## Problem
Scan the records for the word "blocks". Report each line where it occurs.

## Information given
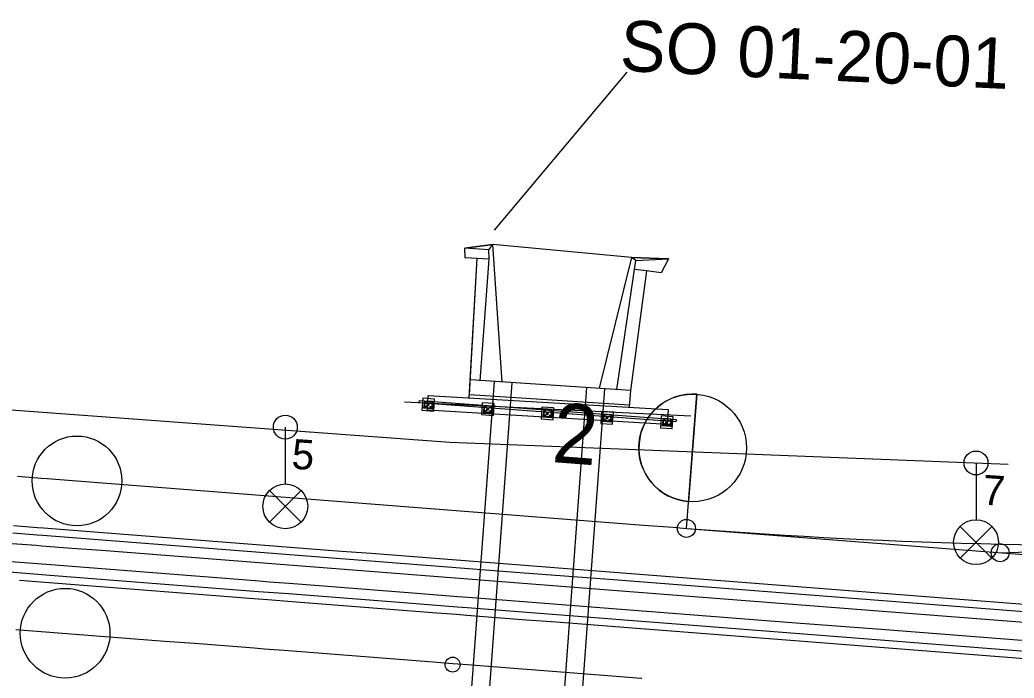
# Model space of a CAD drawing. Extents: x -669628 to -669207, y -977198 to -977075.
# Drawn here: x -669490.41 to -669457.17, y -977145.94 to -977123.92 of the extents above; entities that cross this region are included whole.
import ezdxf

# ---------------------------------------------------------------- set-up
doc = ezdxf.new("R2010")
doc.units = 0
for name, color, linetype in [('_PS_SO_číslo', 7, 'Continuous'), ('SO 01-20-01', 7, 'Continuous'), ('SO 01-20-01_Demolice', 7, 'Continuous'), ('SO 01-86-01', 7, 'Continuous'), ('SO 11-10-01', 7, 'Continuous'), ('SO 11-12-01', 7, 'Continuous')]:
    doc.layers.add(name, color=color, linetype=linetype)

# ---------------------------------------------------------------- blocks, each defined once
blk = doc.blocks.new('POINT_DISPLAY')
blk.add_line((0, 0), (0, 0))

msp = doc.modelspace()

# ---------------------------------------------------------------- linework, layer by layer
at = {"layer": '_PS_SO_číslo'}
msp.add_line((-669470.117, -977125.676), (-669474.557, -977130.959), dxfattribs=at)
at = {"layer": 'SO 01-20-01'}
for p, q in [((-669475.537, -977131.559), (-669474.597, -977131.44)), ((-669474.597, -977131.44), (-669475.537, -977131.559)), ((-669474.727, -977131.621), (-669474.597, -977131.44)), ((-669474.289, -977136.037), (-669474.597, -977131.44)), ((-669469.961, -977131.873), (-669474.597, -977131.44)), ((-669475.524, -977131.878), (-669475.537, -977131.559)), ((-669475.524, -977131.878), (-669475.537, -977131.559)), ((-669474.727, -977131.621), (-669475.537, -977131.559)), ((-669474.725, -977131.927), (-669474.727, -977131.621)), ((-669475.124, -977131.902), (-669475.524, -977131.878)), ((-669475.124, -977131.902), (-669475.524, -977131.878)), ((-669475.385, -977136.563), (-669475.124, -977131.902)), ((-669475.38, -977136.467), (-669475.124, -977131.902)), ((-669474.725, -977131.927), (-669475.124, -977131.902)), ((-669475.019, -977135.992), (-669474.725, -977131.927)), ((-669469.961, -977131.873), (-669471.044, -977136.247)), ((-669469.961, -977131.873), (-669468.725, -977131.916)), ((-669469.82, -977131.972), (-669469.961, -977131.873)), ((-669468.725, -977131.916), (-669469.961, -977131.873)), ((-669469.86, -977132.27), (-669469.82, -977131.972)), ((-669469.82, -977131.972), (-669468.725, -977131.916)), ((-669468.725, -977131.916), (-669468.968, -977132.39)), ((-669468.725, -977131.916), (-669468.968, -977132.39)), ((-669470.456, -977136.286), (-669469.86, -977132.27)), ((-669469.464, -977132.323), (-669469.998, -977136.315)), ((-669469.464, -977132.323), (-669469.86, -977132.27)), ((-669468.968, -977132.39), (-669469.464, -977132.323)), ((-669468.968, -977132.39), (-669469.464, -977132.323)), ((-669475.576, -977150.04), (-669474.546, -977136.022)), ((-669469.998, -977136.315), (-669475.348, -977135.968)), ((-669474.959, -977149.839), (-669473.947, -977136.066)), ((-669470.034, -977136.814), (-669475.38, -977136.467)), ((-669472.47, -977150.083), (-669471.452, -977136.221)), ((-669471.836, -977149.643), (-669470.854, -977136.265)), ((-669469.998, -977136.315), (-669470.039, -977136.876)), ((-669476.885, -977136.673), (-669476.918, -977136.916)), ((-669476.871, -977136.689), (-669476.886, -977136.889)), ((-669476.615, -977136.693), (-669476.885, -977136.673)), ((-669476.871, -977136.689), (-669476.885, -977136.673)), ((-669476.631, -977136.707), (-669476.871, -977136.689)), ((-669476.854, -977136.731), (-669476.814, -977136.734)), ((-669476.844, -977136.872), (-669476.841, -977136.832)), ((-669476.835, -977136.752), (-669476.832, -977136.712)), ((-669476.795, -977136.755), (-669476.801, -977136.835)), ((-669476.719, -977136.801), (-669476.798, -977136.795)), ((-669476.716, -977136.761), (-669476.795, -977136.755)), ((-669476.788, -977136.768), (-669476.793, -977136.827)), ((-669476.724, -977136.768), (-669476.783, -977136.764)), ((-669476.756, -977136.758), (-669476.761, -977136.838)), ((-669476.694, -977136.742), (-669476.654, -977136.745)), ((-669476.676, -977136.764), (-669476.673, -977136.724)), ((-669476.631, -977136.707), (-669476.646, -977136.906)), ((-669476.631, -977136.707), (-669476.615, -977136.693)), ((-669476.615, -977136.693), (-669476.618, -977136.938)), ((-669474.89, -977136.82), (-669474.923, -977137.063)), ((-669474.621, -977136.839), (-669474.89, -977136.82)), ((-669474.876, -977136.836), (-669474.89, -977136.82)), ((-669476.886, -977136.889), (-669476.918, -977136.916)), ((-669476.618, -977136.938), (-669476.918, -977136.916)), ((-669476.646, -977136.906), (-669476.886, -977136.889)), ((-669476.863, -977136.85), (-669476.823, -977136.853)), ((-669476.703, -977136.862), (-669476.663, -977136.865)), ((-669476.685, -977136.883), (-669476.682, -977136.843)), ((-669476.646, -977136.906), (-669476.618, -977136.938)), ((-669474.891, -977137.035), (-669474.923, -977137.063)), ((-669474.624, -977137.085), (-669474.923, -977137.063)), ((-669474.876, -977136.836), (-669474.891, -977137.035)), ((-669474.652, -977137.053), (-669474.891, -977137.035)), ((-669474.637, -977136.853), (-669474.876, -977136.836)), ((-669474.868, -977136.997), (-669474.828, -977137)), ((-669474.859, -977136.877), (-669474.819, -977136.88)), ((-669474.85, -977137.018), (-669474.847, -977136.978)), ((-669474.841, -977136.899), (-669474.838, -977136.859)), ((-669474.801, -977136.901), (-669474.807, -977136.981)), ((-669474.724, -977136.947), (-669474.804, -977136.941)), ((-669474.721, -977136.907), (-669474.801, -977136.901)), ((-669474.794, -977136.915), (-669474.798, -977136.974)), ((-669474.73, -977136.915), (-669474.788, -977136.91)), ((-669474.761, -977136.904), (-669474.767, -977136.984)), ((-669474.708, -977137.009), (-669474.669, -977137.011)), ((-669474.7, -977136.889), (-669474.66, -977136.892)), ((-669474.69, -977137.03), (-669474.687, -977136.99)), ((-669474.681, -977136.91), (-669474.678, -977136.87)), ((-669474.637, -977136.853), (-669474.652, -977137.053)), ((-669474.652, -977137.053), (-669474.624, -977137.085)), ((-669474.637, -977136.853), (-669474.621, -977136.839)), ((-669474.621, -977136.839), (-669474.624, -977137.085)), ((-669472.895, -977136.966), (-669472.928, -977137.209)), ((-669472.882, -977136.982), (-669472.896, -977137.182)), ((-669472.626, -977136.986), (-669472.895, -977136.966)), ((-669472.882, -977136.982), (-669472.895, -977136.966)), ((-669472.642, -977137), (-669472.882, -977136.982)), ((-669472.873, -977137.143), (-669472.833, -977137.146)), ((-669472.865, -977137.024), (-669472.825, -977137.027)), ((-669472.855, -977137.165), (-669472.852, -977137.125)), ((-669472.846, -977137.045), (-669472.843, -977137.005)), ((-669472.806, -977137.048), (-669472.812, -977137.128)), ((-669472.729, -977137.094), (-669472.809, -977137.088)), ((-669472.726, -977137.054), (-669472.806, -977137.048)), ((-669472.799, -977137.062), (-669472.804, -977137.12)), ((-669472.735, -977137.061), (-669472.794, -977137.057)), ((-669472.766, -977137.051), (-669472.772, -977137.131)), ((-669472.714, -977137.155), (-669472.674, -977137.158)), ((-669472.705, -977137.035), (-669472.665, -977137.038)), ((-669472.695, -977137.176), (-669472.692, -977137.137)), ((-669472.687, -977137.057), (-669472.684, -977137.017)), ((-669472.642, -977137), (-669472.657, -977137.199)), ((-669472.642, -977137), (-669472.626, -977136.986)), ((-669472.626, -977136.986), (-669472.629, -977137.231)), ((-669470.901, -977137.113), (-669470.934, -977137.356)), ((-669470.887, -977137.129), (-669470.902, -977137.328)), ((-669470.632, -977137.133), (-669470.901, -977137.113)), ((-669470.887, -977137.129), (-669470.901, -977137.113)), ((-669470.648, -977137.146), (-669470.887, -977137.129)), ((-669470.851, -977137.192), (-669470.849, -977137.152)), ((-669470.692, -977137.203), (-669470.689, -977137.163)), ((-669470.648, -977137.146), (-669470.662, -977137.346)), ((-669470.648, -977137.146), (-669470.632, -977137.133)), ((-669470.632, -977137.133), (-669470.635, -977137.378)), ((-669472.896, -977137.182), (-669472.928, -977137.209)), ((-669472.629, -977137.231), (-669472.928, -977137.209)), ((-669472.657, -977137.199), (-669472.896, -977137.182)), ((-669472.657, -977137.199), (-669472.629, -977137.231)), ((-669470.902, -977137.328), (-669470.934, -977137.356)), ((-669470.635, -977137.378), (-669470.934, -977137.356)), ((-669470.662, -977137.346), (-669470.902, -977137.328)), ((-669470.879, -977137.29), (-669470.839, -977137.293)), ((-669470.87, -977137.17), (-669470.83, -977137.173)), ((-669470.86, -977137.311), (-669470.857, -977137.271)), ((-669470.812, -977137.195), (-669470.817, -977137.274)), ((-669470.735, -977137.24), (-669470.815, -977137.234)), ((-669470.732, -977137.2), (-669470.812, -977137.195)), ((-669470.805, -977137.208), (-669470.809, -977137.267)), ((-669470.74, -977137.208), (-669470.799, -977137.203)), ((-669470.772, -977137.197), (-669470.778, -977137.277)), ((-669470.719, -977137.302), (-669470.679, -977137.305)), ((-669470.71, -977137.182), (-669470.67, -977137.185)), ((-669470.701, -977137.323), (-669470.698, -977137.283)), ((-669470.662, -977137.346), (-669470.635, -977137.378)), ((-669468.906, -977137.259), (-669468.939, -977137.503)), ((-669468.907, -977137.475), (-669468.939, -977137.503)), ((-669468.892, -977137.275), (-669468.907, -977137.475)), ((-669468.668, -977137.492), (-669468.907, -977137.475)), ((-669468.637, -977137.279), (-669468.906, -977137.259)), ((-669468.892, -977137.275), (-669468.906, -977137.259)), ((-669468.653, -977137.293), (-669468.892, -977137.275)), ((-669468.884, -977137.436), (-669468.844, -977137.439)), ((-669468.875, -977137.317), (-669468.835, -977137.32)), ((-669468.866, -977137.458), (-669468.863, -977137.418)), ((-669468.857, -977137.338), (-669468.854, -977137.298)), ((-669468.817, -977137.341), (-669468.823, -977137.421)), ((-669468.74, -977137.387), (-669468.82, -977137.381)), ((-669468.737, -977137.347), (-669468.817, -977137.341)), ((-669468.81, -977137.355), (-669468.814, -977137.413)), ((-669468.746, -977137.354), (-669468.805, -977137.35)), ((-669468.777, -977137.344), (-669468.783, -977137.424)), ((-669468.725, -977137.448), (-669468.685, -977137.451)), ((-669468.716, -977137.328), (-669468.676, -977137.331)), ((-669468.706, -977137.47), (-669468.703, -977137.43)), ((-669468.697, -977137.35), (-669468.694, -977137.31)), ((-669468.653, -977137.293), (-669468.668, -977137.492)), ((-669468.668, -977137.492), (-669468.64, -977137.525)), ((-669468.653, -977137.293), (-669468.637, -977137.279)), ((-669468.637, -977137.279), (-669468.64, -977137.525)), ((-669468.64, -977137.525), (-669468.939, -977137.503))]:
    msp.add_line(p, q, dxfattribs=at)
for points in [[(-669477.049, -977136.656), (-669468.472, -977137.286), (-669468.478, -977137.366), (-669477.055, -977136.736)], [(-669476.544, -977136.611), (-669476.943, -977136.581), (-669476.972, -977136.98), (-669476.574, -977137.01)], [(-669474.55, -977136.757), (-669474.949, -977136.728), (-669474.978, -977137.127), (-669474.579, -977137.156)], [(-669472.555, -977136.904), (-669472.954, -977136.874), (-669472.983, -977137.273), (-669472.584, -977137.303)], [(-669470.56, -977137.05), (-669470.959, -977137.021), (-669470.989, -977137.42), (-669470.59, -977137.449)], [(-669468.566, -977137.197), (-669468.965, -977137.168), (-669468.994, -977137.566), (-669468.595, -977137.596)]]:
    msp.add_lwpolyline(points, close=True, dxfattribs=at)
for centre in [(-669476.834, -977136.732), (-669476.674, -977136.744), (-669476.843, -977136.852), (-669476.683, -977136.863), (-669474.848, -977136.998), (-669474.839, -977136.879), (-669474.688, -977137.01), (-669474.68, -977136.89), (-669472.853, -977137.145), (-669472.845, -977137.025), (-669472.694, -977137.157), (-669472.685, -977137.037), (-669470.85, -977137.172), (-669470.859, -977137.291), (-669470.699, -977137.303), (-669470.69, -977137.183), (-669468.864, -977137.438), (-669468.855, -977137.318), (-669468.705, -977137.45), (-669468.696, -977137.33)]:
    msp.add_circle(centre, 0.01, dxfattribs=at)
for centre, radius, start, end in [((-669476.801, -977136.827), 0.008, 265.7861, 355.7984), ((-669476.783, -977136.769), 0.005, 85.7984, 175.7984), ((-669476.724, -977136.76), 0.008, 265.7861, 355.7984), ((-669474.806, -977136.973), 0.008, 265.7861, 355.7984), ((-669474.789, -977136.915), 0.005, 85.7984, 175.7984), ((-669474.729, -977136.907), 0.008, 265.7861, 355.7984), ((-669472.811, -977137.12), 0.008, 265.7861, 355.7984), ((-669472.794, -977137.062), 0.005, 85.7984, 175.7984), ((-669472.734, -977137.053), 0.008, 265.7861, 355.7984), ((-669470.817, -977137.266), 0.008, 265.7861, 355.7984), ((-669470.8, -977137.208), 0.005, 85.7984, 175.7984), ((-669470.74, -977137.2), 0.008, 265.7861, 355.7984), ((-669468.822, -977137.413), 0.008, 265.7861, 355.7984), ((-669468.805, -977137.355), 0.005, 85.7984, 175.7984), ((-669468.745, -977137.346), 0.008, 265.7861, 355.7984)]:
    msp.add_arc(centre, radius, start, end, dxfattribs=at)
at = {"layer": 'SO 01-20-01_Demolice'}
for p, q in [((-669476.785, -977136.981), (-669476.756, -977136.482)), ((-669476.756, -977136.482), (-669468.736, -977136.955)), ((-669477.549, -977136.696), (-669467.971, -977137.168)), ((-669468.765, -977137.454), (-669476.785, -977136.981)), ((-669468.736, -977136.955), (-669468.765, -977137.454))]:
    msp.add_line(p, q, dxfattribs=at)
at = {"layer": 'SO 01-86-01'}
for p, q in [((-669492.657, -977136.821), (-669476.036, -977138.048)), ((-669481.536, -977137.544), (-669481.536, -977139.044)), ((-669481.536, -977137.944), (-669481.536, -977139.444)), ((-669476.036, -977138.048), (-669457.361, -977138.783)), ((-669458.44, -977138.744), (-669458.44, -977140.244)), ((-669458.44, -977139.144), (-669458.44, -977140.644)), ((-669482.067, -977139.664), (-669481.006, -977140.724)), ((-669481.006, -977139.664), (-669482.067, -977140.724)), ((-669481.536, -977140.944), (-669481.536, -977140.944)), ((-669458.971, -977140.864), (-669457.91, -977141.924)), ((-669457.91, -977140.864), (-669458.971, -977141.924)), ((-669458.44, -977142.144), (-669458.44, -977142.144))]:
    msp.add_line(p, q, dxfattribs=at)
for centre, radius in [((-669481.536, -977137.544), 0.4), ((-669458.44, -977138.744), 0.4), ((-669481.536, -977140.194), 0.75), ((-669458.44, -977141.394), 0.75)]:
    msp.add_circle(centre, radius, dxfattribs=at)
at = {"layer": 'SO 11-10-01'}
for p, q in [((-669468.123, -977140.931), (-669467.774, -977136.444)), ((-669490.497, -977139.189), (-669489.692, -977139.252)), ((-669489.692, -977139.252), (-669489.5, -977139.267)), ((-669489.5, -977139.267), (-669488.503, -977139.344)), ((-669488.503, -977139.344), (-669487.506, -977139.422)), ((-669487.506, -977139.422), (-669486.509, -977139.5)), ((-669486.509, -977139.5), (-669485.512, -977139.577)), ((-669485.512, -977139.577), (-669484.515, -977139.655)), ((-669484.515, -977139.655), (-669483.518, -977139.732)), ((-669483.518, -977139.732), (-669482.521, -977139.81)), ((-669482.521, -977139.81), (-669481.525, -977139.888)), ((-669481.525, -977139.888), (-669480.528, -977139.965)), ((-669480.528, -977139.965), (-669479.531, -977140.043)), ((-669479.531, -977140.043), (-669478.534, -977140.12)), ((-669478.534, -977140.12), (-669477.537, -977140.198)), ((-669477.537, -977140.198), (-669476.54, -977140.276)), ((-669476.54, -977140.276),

## Answer to this task
# ---------------------------------------------------------------- blocks, each defined once
blk = doc.blocks.new('POINT_DISPLAY')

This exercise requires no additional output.